**PROBLEM TO WORK ON**
Output nothing but the lines from the beginning of the listing below through the line containing "[libraries it declares])", exactly as they stand, without pictures.

++++++++++

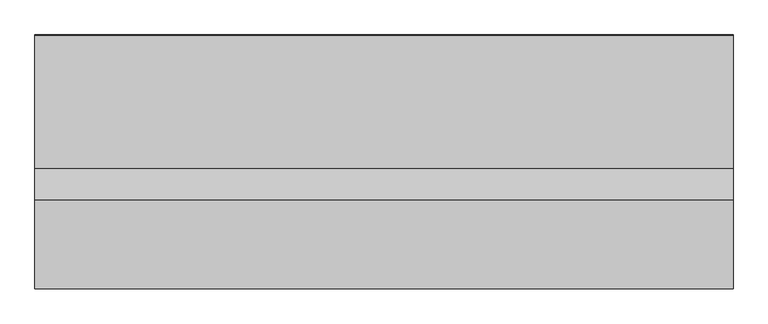
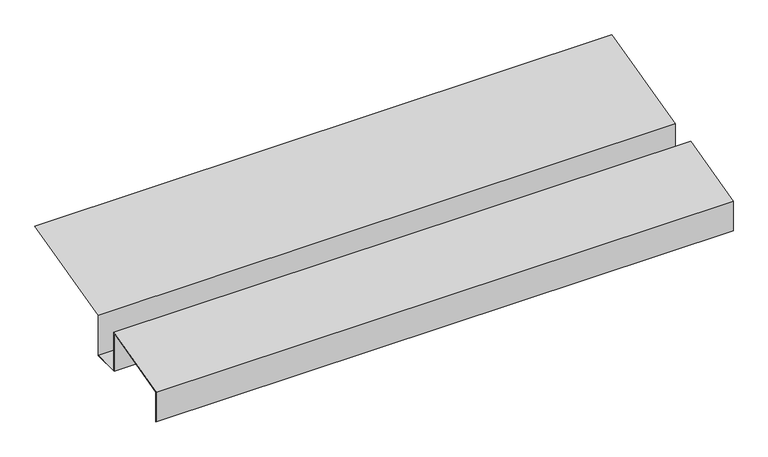
"""IFC4 building model written with IfcOpenShell, lengths in millimetres: proxy geometry, Gutter Adherance Membrane 34392 : Gutter Adherance Membrane 34392."""

import ifcopenshell
import ifcopenshell.guid

model = None  # the IFC model being written
_history = None  # IfcOwnerHistory: only IFC2X3 demands one
_inside = {}  # id of a spatial element -> (the spatial element, [elements in it])
_under = {}  # id of a project, library or spatial element -> (it, [spatial elements below it])
_declared = {}  # id of a project -> (the project, [libraries it declares])
_typed = {}  # id of a type object -> (the type object, [elements of that type])
_made_of = {}  # id of a material, layer set ... -> (it, [elements and type objects made of it])


def new_model(schema):
    """Start an empty IFC model of exactly this schema.

    Asked for "IFC4X3", IfcOpenShell would pick the latest addendum, in which some entities
    have other attributes; the version numbers below select the first issue.
    IFC2X3 requires an IfcOwnerHistory on every rooted entity: one is made here for all.
    """
    global model, _history
    if schema == "IFC4X3":
        model = ifcopenshell.file(schema_version=(4, 3, 0, 0))
    else:
        model = ifcopenshell.file(schema=schema)
    _inside.clear()
    _under.clear()
    _declared.clear()
    _typed.clear()
    _made_of.clear()
    _history = None
    if model.schema == "IFC2X3":
        org = make("IfcOrganization", Name="unknown")
        user = make(
            "IfcPersonAndOrganization",
            ThePerson=make("IfcPerson", FamilyName="unknown"),
            TheOrganization=org,
        )
        app = make(
            "IfcApplication",
            ApplicationDeveloper=org,
            Version="unknown",
            ApplicationFullName="unknown",
            ApplicationIdentifier="unknown",
        )
        _history = make(
            "IfcOwnerHistory",
            OwningUser=user,
            OwningApplication=app,
            ChangeAction="ADDED",
            CreationDate=0,
        )
    return model


def make(cls, **values):
    """One entity of the class cls with the attributes given. An attribute that is None is left unset."""
    return model.create_entity(
        cls, **{name: value for name, value in values.items() if value is not None}
    )


def rooted(cls, **values):
    """An entity with a GlobalId (a new one), such as an element, a storey or a relation."""
    return make(cls, GlobalId=ifcopenshell.guid.new(), OwnerHistory=_history, **values)


def si_unit(unit_type, name, prefix=None):
    """IfcSIUnit, for example si_unit("LENGTHUNIT", "METRE", prefix="MILLI")."""
    return make("IfcSIUnit", UnitType=unit_type, Prefix=prefix, Name=name)


def assignment(units):
    """IfcUnitAssignment: the units of a project."""
    return None if units is None else make("IfcUnitAssignment", Units=units)


def point(xyz):
    """IfcCartesianPoint."""
    return None if xyz is None else make("IfcCartesianPoint", Coordinates=xyz)


def direction(xyz):
    """IfcDirection."""
    return None if xyz is None else make("IfcDirection", DirectionRatios=xyz)


def frame(location, z_axis=None, x_axis=None):
    """IfcAxis2Placement3D, a coordinate frame: its origin and axes. An axis left out is left unset."""
    return make(
        "IfcAxis2Placement3D",
        Location=point(location),
        Axis=direction(z_axis),
        RefDirection=direction(x_axis),
    )


def origin():
    """The frame at (0, 0, 0) with its axes left unset."""
    return frame((0.0, 0.0, 0.0))


def place(relative_to, where):
    """IfcLocalPlacement: puts the frame where relative to a parent placement (None: the world)."""
    return make(
        "IfcLocalPlacement", PlacementRelTo=relative_to, RelativePlacement=where
    )


def context(
    kind, dimensions, precision=None, world=None, true_north=None, identifier=None
):
    """IfcGeometricRepresentationContext, for example the 3D "Model" context."""
    return make(
        "IfcGeometricRepresentationContext",
        ContextIdentifier=identifier,
        ContextType=kind,
        CoordinateSpaceDimension=dimensions,
        Precision=precision,
        WorldCoordinateSystem=world,
        TrueNorth=true_north,
    )


def project(units=None, contexts=None):
    """IfcProject with its units and contexts."""
    return rooted(
        "IfcProject",
        Name="project",
        RepresentationContexts=contexts,
        UnitsInContext=assignment(units),
    )


def spatial(cls, under=None, at=None, **own):
    """A site, building, storey or space (cls), placed at a placement, below another one or the project."""
    s = rooted(cls, ObjectPlacement=at, **own)
    if under is not None:
        _under.setdefault(under.id(), (under, []))[1].append(s)
    return s


def polyline(points):
    """IfcPolyline through the points."""
    return make("IfcPolyline", Points=[point(p) for p in points])


def outline(outer, holes=None, kind="AREA"):
    """IfcArbitraryClosedProfileDef: a profile drawn as a closed curve; with holes, ...WithVoids."""
    if holes is None:
        return make("IfcArbitraryClosedProfileDef", ProfileType=kind, OuterCurve=outer)
    return make(
        "IfcArbitraryProfileDefWithVoids",
        ProfileType=kind,
        OuterCurve=outer,
        InnerCurves=holes,
    )


def extrude(swept, where, along, depth):
    """IfcExtrudedAreaSolid: the profile swept, set in the frame where, extruded along a direction by depth."""
    return make(
        "IfcExtrudedAreaSolid",
        SweptArea=swept,
        Position=where,
        ExtrudedDirection=direction(along),
        Depth=depth,
    )


def shape(context_of_items, identifier, shape_type, items):
    """IfcShapeRepresentation: the items that make up one representation, for example the "Body"."""
    return make(
        "IfcShapeRepresentation",
        ContextOfItems=context_of_items,
        RepresentationIdentifier=identifier,
        RepresentationType=shape_type,
        Items=items,
    )


def source(mapping_origin, context_of_items, identifier, shape_type, items):
    """IfcRepresentationMap: a shape defined once, which mapped items show again and again."""
    return make(
        "IfcRepresentationMap",
        MappingOrigin=mapping_origin,
        MappedRepresentation=shape(context_of_items, identifier, shape_type, items),
    )


def transform(
    local_origin,
    x_axis=None,
    y_axis=None,
    z_axis=None,
    scale=None,
    scale2=None,
    scale3=None,
    uniform=True,
):
    """IfcCartesianTransformationOperator3D, or its non-uniform kind. x_axis, y_axis, z_axis: its Axis1, 2, 3."""
    if uniform:
        return make(
            "IfcCartesianTransformationOperator3D",
            Axis1=direction(x_axis),
            Axis2=direction(y_axis),
            LocalOrigin=point(local_origin),
            Scale=scale,
            Axis3=direction(z_axis),
        )
    return make(
        "IfcCartesianTransformationOperator3DnonUniform",
        Axis1=direction(x_axis),
        Axis2=direction(y_axis),
        LocalOrigin=point(local_origin),
        Scale=scale,
        Axis3=direction(z_axis),
        Scale2=scale2,
        Scale3=scale3,
    )


def mapped(mapping_source, mapping_target):
    """IfcMappedItem: shows the shape of a source again, moved by a transform."""
    return make(
        "IfcMappedItem", MappingSource=mapping_source, MappingTarget=mapping_target
    )


def made_of(thing, what):
    """Note that an element or type object is made of a material, layer set ...; save() writes the relation."""
    if what is not None:
        _made_of.setdefault(what.id(), (what, []))[1].append(thing)
    return thing


def element(
    cls,
    number,
    at=None,
    inside=None,
    cuts=None,
    type_object=None,
    material=None,
    context=None,
    identifier="Body",
    shape_type=None,
    held_by="IfcProductDefinitionShape",
    body=None,
    shapes=None,
    **own,
):
    """One element of the class cls, such as IfcWall. Its Tag is "e" and its number.

    at: its placement. inside: the storey or other place that contains it. cuts: it is an
    opening in that element (IfcRelVoidsElement). A single representation is given by context,
    identifier, shape_type and body (its items); several are given by shapes. held_by: the class
    of the entity that holds the representations. save() writes the other relations.
    """
    e = rooted(cls, Tag="e%d" % number, ObjectPlacement=at, **own)
    if body is not None:
        shapes = [shape(context, identifier, shape_type, body)]
    if shapes is not None:
        e.Representation = make(held_by, Representations=shapes)
    if inside is not None:
        _inside.setdefault(inside.id(), (inside, []))[1].append(e)
    if cuts is not None:
        rooted(
            "IfcRelVoidsElement", RelatingBuildingElement=cuts, RelatedOpeningElement=e
        )
    if type_object is not None:
        _typed.setdefault(type_object.id(), (type_object, []))[1].append(e)
    return made_of(e, material)


def aggregate(whole, parts):
    """IfcRelAggregates: a whole, such as a stair, and the parts it consists of."""
    return rooted("IfcRelAggregates", RelatingObject=whole, RelatedObjects=parts)


def save(model, path):
    """Write the relations noted so far, then the file.

    IfcRelAggregates (storeys below a building ...), IfcRelContainedInSpatialStructure (elements
    in a storey), IfcRelDefinesByType, IfcRelAssociatesMaterial and IfcRelDeclares: one each for
    every whole, place, type object, material and project.
    """
    for whole, parts in _under.values():
        aggregate(whole, parts)
    for where, things in _inside.values():
        rooted(
            "IfcRelContainedInSpatialStructure",
            RelatedElements=things,
            RelatingStructure=where,
        )
    for kind, things in _typed.values():
        rooted("IfcRelDefinesByType", RelatedObjects=things, RelatingType=kind)
    for what, things in _made_of.values():
        rooted("IfcRelAssociatesMaterial", RelatedObjects=things, RelatingMaterial=what)
    for by, libraries in _declared.values():
        rooted("IfcRelDeclares", RelatingContext=by, RelatedDefinitions=libraries)
    model.write(path)


def generic_models_997b00de(model_context):
    return source(origin(), model_context, "Body", "SweptSolid", [
        extrude(outline(polyline([(-5594.6354292, 42634.3617562), (-5594.6354292, 42743.8113639), (-5340.7070312, 42809.4422799), (-5340.7070312, 42668.34375), (-5248.1181651, 42668.34375), (-5248.1181651, 42816.2751118), (-4867.1925603, 42911.3566499), (-4866.8081055, 42909.8164062), (-5246.5306641, 42815.0351562), (-5246.5306641, 42666.75625), (-5342.2945313, 42666.75625), (-5342.2945313, 42807.3923035), (-5593.0479293, 42742.5820053), (-5593.0479293, 42634.3617562), (-5594.6354292, 42634.3617562)])), frame((12382.7678845, 0.0, 0.0), z_axis=(1.0, 0.0, 0.0), x_axis=(0.0, 1.0, 0.0)), (0.0, 0.0, 1.0), 2000.25),
    ])


if __name__ == "__main__":
    model = new_model("IFC4")
    model_context = context("Model", 3, world=origin())
    ifc_project = project(units=[si_unit("LENGTHUNIT", "METRE", prefix="MILLI")], contexts=[model_context])
    site = spatial("IfcSite", under=ifc_project)
    building = spatial("IfcBuilding", under=site)
    placement = place(None, origin())
    generic_models_shape = generic_models_997b00de(model_context)
    element("IfcBuildingElementProxy", 1, Name="Gutter Adherance Membrane 34392 : Gutter Adherance Membrane 34392", ObjectType="Gutter Adherance Membrane 34392 : Gutter Adherance Membrane 34392", at=placement, inside=building, context=model_context, shape_type="MappedRepresentation", body=[
        mapped(generic_models_shape, transform((0.0, 0.0, 0.0), x_axis=(1.0, 0.0, 0.0), y_axis=(0.0, 1.0, 0.0), z_axis=(0.0, 0.0, 1.0))),
    ])
    save(model, "model.ifc")

# Revit data of these elements
# Type "Gutter Adherance Membrane 34392 : Gutter Adherance Membrane 34392"
#   NameOverride = "Gutter Adherance Membrane"
# Element 1 (IfcBuildingElementProxy, "Gutter Adherance Membrane 34392 : Gutter Adherance Membrane 34392")
#   Materials on its faces: "SELF ADHERED MEMBRANE W/ END DAMS WHERE POSSIBLE"
# Materials
#   "SELF ADHERED MEMBRANE W/ END DAMS WHERE POSSIBLE": class "Unassigned", colour RGB 255 255 127, transparency 0

++++++++++

**SOLUTION TO THIS EXERCISE**
"""IFC4 building model written with IfcOpenShell, lengths in millimetres: proxy geometry, Gutter Adherance Membrane 34392 : Gutter Adherance Membrane 34392."""

import ifcopenshell
import ifcopenshell.guid

model = None  # the IFC model being written
_history = None  # IfcOwnerHistory: only IFC2X3 demands one
_inside = {}  # id of a spatial element -> (the spatial element, [elements in it])
_under = {}  # id of a project, library or spatial element -> (it, [spatial elements below it])
_declared = {}  # id of a project -> (the project, [libraries it declares])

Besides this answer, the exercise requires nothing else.